And what do we see when we peer through the looking-glass at a city that was once one of the most vibrant of all Jewish cities, the city that Napoleon (of all people) once referenced as “the Jerusalem of Lithuania”? It will take decades before anyone wades through all of this material, but some treasures have already been announced. A postcard written by Chagall. Five different notebooks of poems by Chaim Grade, perhaps the greatest of all twentieth-century Jewish authors. Some unknown letters by Sholom Aleichem. And the autobiography of Bebe Epshtein, a fifth grader writing in 1933. She must have been about ten years old then, which makes it unlikely she survived to adulthood. (She would be 94 if she were alive. I suppose she could be! But she hasn’t come forward. And the chances of her having survived are very slight.) What is chilling about her book—which will surely eventually be published in its entirety—is its ability to remind us, yet again, that the communities destroyed by the Nazis were populated not by professional martyrs but by regular people, by families whose daughters attended the fifth grade in the Yiddish School on Makove Street that Bebe attended and who fully expected to live long enough to enjoy seeing their children grow to adulthood and produce their own families.


Judging from the media coverage, the world is—at least so far—mostly interested in the recovered artifacts that relate one way or the other to famous people like Sholom Aleichem. But far more interesting to me personally is the material that relates to regular people, to parents and children, to teachers and pupils, to shopkeepers and their customers.
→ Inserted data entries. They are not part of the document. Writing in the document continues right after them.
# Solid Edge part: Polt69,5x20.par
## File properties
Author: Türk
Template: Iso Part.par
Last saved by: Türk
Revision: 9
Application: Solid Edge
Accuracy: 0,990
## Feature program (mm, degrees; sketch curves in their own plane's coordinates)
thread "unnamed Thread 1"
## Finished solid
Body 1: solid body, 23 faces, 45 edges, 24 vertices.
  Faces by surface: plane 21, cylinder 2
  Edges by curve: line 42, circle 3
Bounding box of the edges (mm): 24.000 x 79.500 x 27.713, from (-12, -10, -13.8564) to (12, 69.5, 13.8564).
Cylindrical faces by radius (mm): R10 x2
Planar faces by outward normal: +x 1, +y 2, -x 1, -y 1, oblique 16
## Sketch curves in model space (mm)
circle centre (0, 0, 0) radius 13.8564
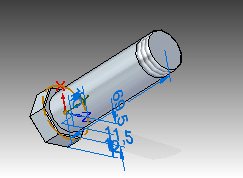
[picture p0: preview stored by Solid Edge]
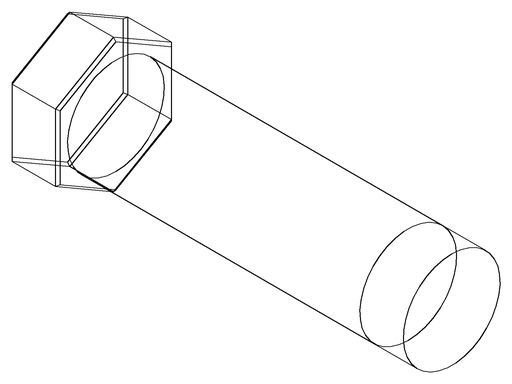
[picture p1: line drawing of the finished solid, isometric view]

In the same way that the greatness of the Cairo Genizah does not rest in the blockbuster finds that made it famous—the handwritten letters by Maimonides, for example—but rather in the portrait the huge number of documents relating to non-famous people creates of a vibrant, rich society existing in its time and place, this second trove of documents in Vilnius is going to be primarily important for the portrait it will offer of a culturally rich and dynamic community that was utterly destroyed in a tidal wave of violence and destructive zeal the likes of which the world hadn’t ever seen before and will, I hope, never see again.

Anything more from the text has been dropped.